→ Data records:

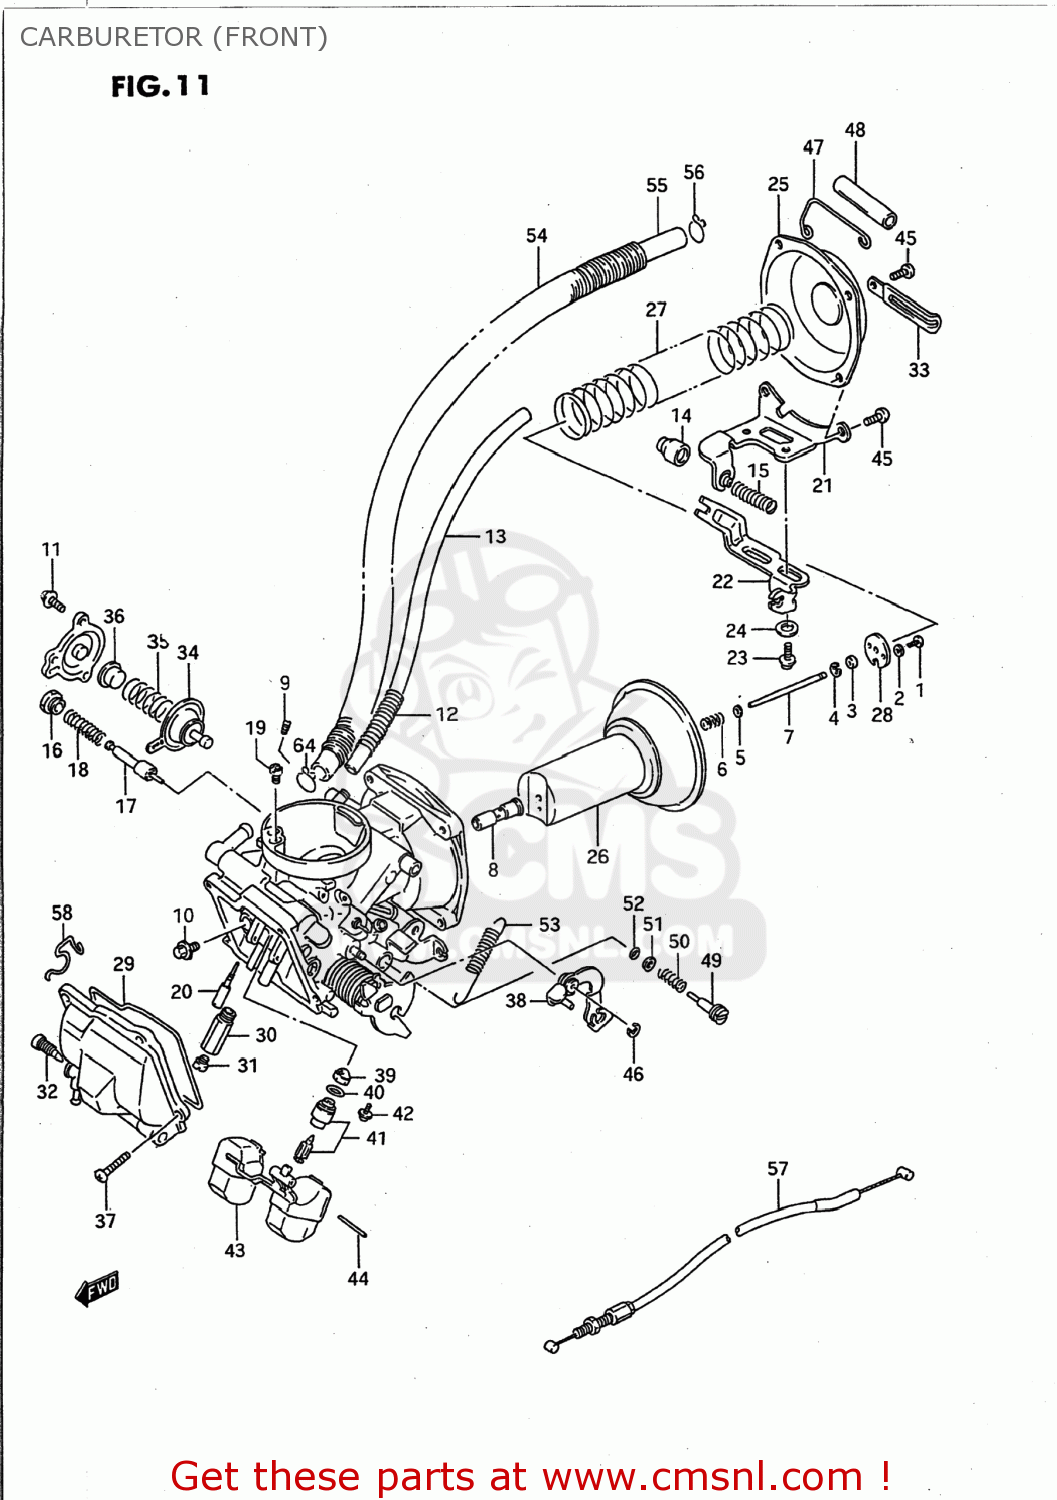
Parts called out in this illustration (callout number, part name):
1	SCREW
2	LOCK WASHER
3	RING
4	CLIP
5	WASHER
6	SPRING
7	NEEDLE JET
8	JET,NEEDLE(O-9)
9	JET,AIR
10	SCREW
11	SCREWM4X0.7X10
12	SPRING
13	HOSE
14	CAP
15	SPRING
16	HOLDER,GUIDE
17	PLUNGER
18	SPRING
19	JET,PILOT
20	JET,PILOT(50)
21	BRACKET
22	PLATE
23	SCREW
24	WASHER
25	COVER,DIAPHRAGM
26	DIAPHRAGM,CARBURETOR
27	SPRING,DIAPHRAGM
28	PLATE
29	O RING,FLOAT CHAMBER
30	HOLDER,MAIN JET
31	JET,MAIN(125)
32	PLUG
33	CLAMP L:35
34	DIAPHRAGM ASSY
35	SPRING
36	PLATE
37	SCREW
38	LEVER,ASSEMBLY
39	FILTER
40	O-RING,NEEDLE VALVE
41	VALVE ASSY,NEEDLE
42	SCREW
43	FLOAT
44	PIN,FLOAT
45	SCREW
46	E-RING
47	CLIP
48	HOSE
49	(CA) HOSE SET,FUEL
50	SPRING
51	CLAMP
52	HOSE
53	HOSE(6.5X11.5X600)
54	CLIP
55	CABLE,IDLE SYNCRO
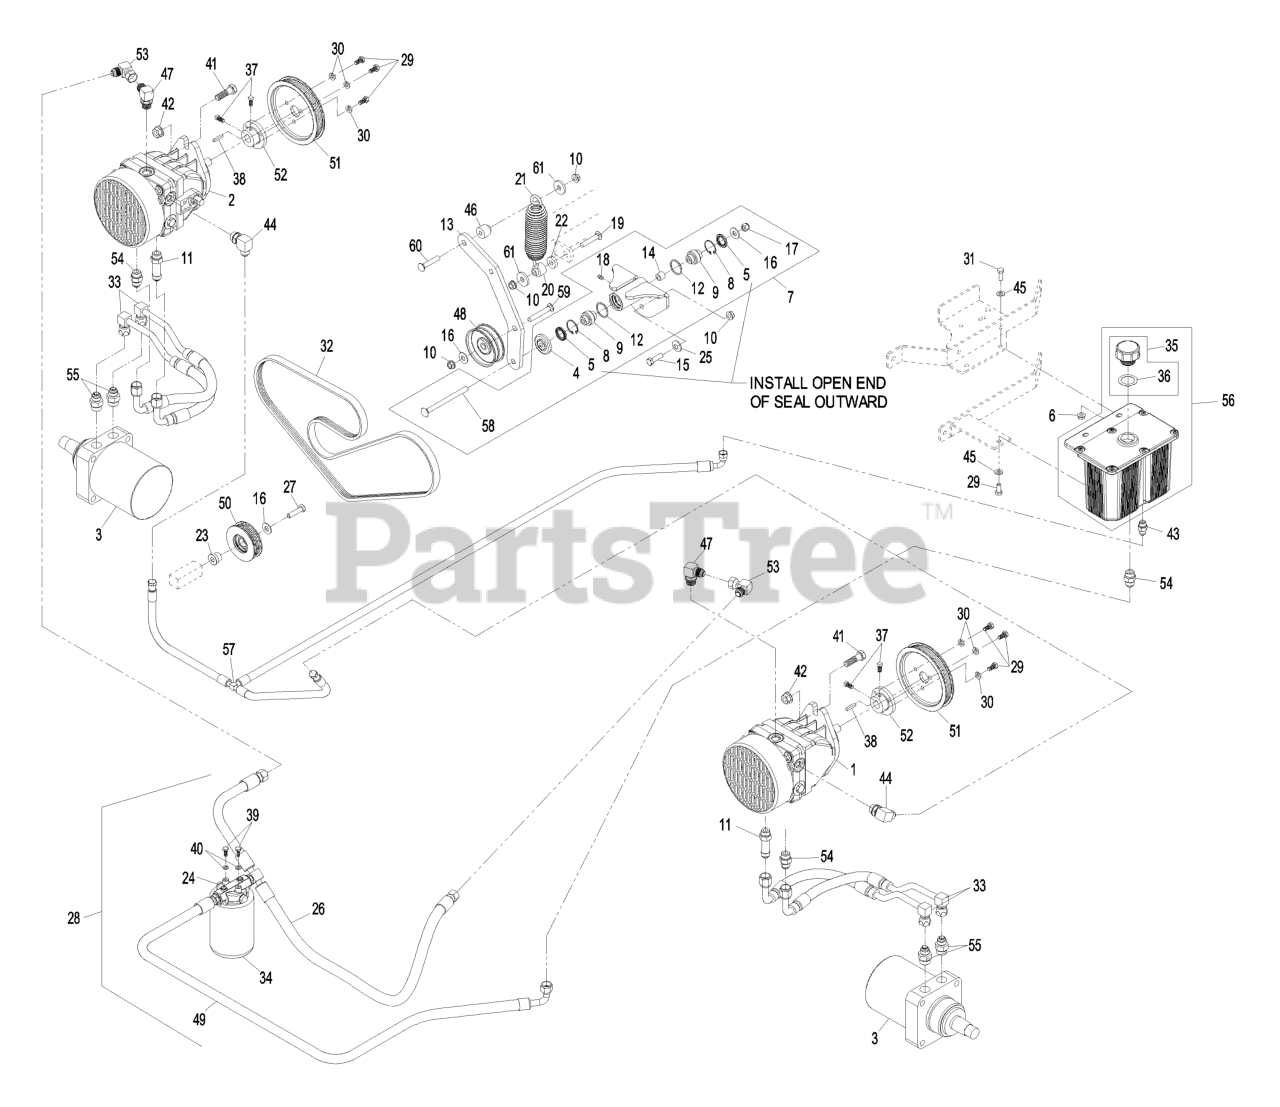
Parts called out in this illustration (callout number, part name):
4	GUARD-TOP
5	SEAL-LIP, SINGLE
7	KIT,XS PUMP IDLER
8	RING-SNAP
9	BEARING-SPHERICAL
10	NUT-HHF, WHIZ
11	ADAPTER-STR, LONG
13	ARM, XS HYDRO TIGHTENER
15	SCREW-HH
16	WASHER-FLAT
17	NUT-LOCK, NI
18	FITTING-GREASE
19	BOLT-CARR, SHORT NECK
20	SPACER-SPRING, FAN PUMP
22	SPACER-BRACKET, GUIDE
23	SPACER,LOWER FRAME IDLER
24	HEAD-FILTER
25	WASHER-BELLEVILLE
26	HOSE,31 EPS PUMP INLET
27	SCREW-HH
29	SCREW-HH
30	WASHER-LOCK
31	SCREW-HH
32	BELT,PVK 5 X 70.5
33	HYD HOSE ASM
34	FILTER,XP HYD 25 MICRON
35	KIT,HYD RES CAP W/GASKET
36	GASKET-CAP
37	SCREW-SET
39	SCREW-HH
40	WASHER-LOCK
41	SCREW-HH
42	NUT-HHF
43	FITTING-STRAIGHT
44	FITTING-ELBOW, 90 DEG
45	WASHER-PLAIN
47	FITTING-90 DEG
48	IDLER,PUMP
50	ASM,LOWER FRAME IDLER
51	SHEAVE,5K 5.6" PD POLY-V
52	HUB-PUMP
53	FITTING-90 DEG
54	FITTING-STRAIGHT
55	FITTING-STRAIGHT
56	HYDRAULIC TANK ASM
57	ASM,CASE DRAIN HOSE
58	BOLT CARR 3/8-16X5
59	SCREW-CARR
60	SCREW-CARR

→ Work item:
Extract the entries in full, exactly as they are, minus the pictures.

→ Solution for this task:
Parts called out in this illustration (callout number, part name):
1	SCREW
2	LOCK WASHER
3	RING
4	CLIP
5	WASHER
6	SPRING
7	NEEDLE JET
8	JET,NEEDLE(O-9)
9	JET,AIR
10	SCREW
11	SCREWM4X0.7X10
12	SPRING
13	HOSE
14	CAP
15	SPRING
16	HOLDER,GUIDE
17	PLUNGER
18	SPRING
19	JET,PILOT
20	JET,PILOT(50)
21	BRACKET
22	PLATE
23	SCREW
24	WASHER
25	COVER,DIAPHRAGM
26	DIAPHRAGM,CARBURETOR
27	SPRING,DIAPHRAGM
28	PLATE
29	O RING,FLOAT CHAMBER
30	HOLDER,MAIN JET
31	JET,MAIN(125)
32	PLUG
33	CLAMP L:35
34	DIAPHRAGM ASSY
35	SPRING
36	PLATE
37	SCREW
38	LEVER,ASSEMBLY
39	FILTER
40	O-RING,NEEDLE VALVE
41	VALVE ASSY,NEEDLE
42	SCREW
43	FLOAT
44	PIN,FLOAT
45	SCREW
46	E-RING
47	CLIP
48	HOSE
49	(CA) HOSE SET,FUEL
50	SPRING
51	CLAMP
52	HOSE
53	HOSE(6.5X11.5X600)
54	CLIP
55	CABLE,IDLE SYNCRO
Parts called out in this illustration (callout number, part name):
4	GUARD-TOP
5	SEAL-LIP, SINGLE
7	KIT,XS PUMP IDLER
8	RING-SNAP
9	BEARING-SPHERICAL
10	NUT-HHF, WHIZ
11	ADAPTER-STR, LONG
13	ARM, XS HYDRO TIGHTENER
15	SCREW-HH
16	WASHER-FLAT
17	NUT-LOCK, NI
18	FITTING-GREASE
19	BOLT-CARR, SHORT NECK
20	SPACER-SPRING, FAN PUMP
22	SPACER-BRACKET, GUIDE
23	SPACER,LOWER FRAME IDLER
24	HEAD-FILTER
25	WASHER-BELLEVILLE
26	HOSE,31 EPS PUMP INLET
27	SCREW-HH
29	SCREW-HH
30	WASHER-LOCK
31	SCREW-HH
32	BELT,PVK 5 X 70.5
33	HYD HOSE ASM
34	FILTER,XP HYD 25 MICRON
35	KIT,HYD RES CAP W/GASKET
36	GASKET-CAP
37	SCREW-SET
39	SCREW-HH
40	WASHER-LOCK
41	SCREW-HH
42	NUT-HHF
43	FITTING-STRAIGHT
44	FITTING-ELBOW, 90 DEG
45	WASHER-PLAIN
47	FITTING-90 DEG
48	IDLER,PUMP
50	ASM,LOWER FRAME IDLER
51	SHEAVE,5K 5.6" PD POLY-V
52	HUB-PUMP
53	FITTING-90 DEG
54	FITTING-STRAIGHT
55	FITTING-STRAIGHT
56	HYDRAULIC TANK ASM
57	ASM,CASE DRAIN HOSE
58	BOLT CARR 3/8-16X5
59	SCREW-CARR
60	SCREW-CARR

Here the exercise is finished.